MicroRNAs as Biomarkers for Acute Atrial Remodeling in Marathon Runners (The miRathon Study--A Sub-Study of the Munich Marathon Study).

INTRODUCTION: Physical activity is beneficial for individual health, but endurance sport is associated with the development of arrhythmias like atrial fibrillation. The underlying mechanisms leading to this increased risk are still not fully understood. MicroRNAs are important mediators of proarrhythmogenic remodeling and have potential value as biomarkers in cardiovascular diseases. Therefore, the objective of our study was to determine the value of circulating microRNAs as potential biomarkers for atrial remodeling in marathon runners (miRathon study). METHODS: 30 marathon runners were recruited into our study and were divided into two age-matched groups depending on the training status: elite (ER, ≥55 km/week, n = 15) and non-elite runners (NER, ≤40 km/week, n = 15). All runners participated in a 10 week training program before the marathon. MiRNA plasma levels were measured at 4 time points: at baseline (V1), after a 10 week training period (V2), immediately after the marathon (V3) and 24h later (V4). Additionally, we obtained clinical data including serum chemistry and echocardiography at each time point.

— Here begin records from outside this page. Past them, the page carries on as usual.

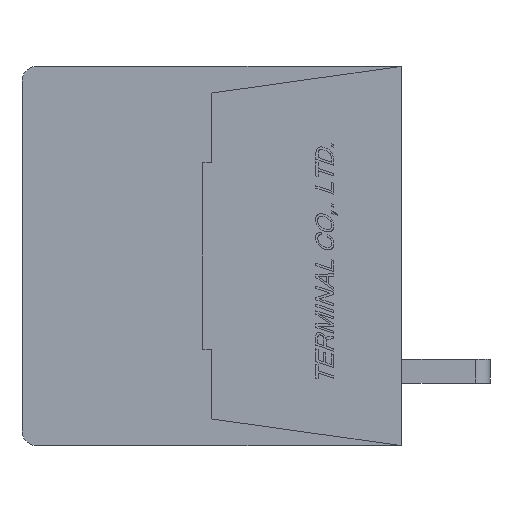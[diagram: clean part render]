
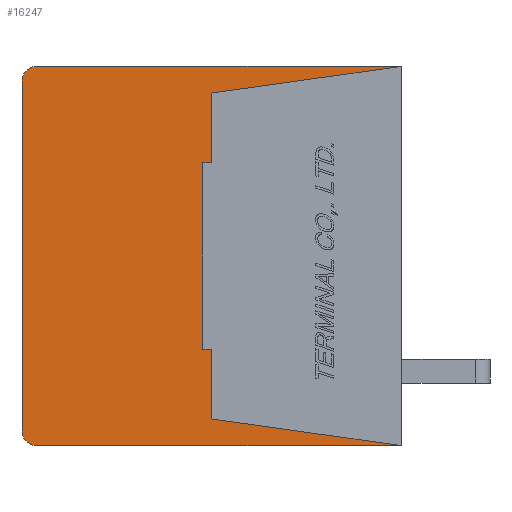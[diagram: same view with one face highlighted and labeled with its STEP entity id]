
A CAD part, left-side view. The second image highlights one B-rep face of the part: STEP entity #16247.
In plain terms, the highlighted planar face has unit normal (-1, 0, 0) as drawn and (1, 0, 0) by its records, which use the part's own axes.
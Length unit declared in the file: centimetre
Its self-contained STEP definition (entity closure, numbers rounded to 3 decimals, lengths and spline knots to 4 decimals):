
#842=CIRCLE('',#27459,0.05);
#843=CIRCLE('',#27460,0.05);
#1408=VERTEX_POINT('',#22203);
#1413=VERTEX_POINT('',#22214);
#1415=VERTEX_POINT('',#22220);
#1417=VERTEX_POINT('',#22226);
#1419=VERTEX_POINT('',#22232);
#1421=VERTEX_POINT('',#22238);
#1423=VERTEX_POINT('',#22244);
#1425=VERTEX_POINT('',#22250);
#1752=VERTEX_POINT('',#23704);
#1753=VERTEX_POINT('',#23706);
#1754=VERTEX_POINT('',#23708);
#1755=VERTEX_POINT('',#23710);
#3121=VECTOR('',#18308,1.);
#3124=VECTOR('',#18312,1.);
#3127=VECTOR('',#18316,1.);
#3130=VECTOR('',#18320,1.);
#3133=VECTOR('',#18324,1.);
#3136=VECTOR('',#18328,1.);
#3139=VECTOR('',#18332,1.);
#3525=VECTOR('',#18831,1.);
#3526=VECTOR('',#18834,1.);
#3527=VECTOR('',#18837,1.);
#5029=LINE('',#22219,#3121);
#5032=LINE('',#22225,#3124);
#5035=LINE('',#22231,#3127);
#5038=LINE('',#22237,#3130);
#5041=LINE('',#22243,#3133);
#5044=LINE('',#22249,#3136);
#5047=LINE('',#22254,#3139);
#5433=LINE('',#23703,#3525);
#5434=LINE('',#23707,#3526);
#5435=LINE('',#23711,#3527);
#7107=EDGE_CURVE('',#1415,#1413,#5029,.T.);
#7110=EDGE_CURVE('',#1417,#1415,#5032,.T.);
#7113=EDGE_CURVE('',#1419,#1417,#5035,.T.);
#7116=EDGE_CURVE('',#1421,#1419,#5038,.T.);
#7119=EDGE_CURVE('',#1423,#1421,#5041,.T.);
#7122=EDGE_CURVE('',#1425,#1423,#5044,.T.);
#7125=EDGE_CURVE('',#1408,#1425,#5047,.T.);
#7615=EDGE_CURVE('',#1413,#1752,#5433,.T.);
#7616=EDGE_CURVE('',#1753,#1752,#842,.T.);
#7617=EDGE_CURVE('',#1753,#1754,#5434,.T.);
#7618=EDGE_CURVE('',#1755,#1754,#843,.T.);
#7619=EDGE_CURVE('',#1755,#1408,#5435,.T.);
#11116=ORIENTED_EDGE('',*,*,#7107,.T.);
#11117=ORIENTED_EDGE('',*,*,#7615,.T.);
#11118=ORIENTED_EDGE('',*,*,#7616,.F.);
#11119=ORIENTED_EDGE('',*,*,#7617,.T.);
#11120=ORIENTED_EDGE('',*,*,#7618,.F.);
#11121=ORIENTED_EDGE('',*,*,#7619,.T.);
#11122=ORIENTED_EDGE('',*,*,#7125,.T.);
#11123=ORIENTED_EDGE('',*,*,#7122,.T.);
#11124=ORIENTED_EDGE('',*,*,#7119,.T.);
#11125=ORIENTED_EDGE('',*,*,#7116,.T.);
#11126=ORIENTED_EDGE('',*,*,#7113,.T.);
#11127=ORIENTED_EDGE('',*,*,#7110,.T.);
#14213=EDGE_LOOP('',(#11116,#11117,#11118,#11119,#11120,#11121,#11122,#11123,
#11124,#11125,#11126,#11127));
#15257=FACE_BOUND('',#14213,.T.);
#16247=ADVANCED_FACE('',(#15257),#17052,.F.);
#17052=PLANE('',#27458);
#18308=DIRECTION('',(0.,-0.99,-0.139));
#18312=DIRECTION('',(0.,0.,-1.));
#18316=DIRECTION('',(0.,-1.,0.));
#18320=DIRECTION('',(0.,0.,-1.));
#18324=DIRECTION('',(0.,1.,0.));
#18328=DIRECTION('',(0.,0.,-1.));
#18332=DIRECTION('',(0.,0.99,-0.139));
#18830=DIRECTION('',(-1.,0.,0.));
#18831=DIRECTION('',(0.,1.,0.));
#18832=DIRECTION('',(-1.,0.,0.));
#18833=DIRECTION('',(0.,0.,0.05));
#18834=DIRECTION('',(0.,0.,1.));
#18835=DIRECTION('',(-1.,0.,0.));
#18836=DIRECTION('',(0.,0.,0.05));
#18837=DIRECTION('',(0.,-1.,0.));
#22203=CARTESIAN_POINT('',(0.,0.,0.64));
#22214=CARTESIAN_POINT('',(0.,0.,-0.64));
#22219=CARTESIAN_POINT('',(0.,0.64,-0.55));
#22220=CARTESIAN_POINT('',(0.,0.64,-0.55));
#22225=CARTESIAN_POINT('',(0.,0.64,-0.315));
#22226=CARTESIAN_POINT('',(0.,0.64,-0.315));
#22231=CARTESIAN_POINT('',(0.,0.67,-0.315));
#22232=CARTESIAN_POINT('',(0.,0.67,-0.315));
#22237=CARTESIAN_POINT('',(0.,0.67,0.315));
#22238=CARTESIAN_POINT('',(0.,0.67,0.315));
#22243=CARTESIAN_POINT('',(0.,0.64,0.315));
#22244=CARTESIAN_POINT('',(0.,0.64,0.315));
#22249=CARTESIAN_POINT('',(0.,0.64,0.55));
#22250=CARTESIAN_POINT('',(0.,0.64,0.55));
#22254=CARTESIAN_POINT('',(0.,0.,0.64));
#23702=CARTESIAN_POINT('',(0.,0.6345,0.));
#23703=CARTESIAN_POINT('',(0.,0.,-0.64));
#23704=CARTESIAN_POINT('',(0.,1.23,-0.64));
#23705=CARTESIAN_POINT('',(0.,1.23,-0.59));
#23706=CARTESIAN_POINT('',(0.,1.28,-0.59));
#23707=CARTESIAN_POINT('',(0.,1.28,-0.59));
#23708=CARTESIAN_POINT('',(0.,1.28,0.59));
#23709=CARTESIAN_POINT('',(0.,1.23,0.59));
#23710=CARTESIAN_POINT('',(0.,1.23,0.64));
#23711=CARTESIAN_POINT('',(0.,1.23,0.64));
#27458=AXIS2_PLACEMENT_3D('',#23702,#18830,$);
#27459=AXIS2_PLACEMENT_3D('',#23705,#18832,#18833);
#27460=AXIS2_PLACEMENT_3D('',#23709,#18835,#18836);

RESULTS: MiRNA plasma levels were similar in both groups over time with more pronounced changes in ER. After the marathon miR-30a plasma levels increased significantly in both groups. MiR-1 and miR-133a plasma levels also increased but showed significant changes in ER only. 24h after the marathon plasma levels returned to baseline. MiR-26a decreased significantly after the marathon in elite runners only and miR-29b showed a non-significant decrease over time in both groups. In ER miRNA plasma levels showed a significant correlation with LA diameter, in NER miRNA plasma levels did not correlate with echocardiographic parameters. CONCLUSION: MiRNAs were differentially expressed in the plasma of marathon runners with more pronounced changes in ER. Plasma levels in ER correlate with left atrial diameter suggesting that circulating miRNAs could potentially serve as biomarkers of atrial remodeling in athletes.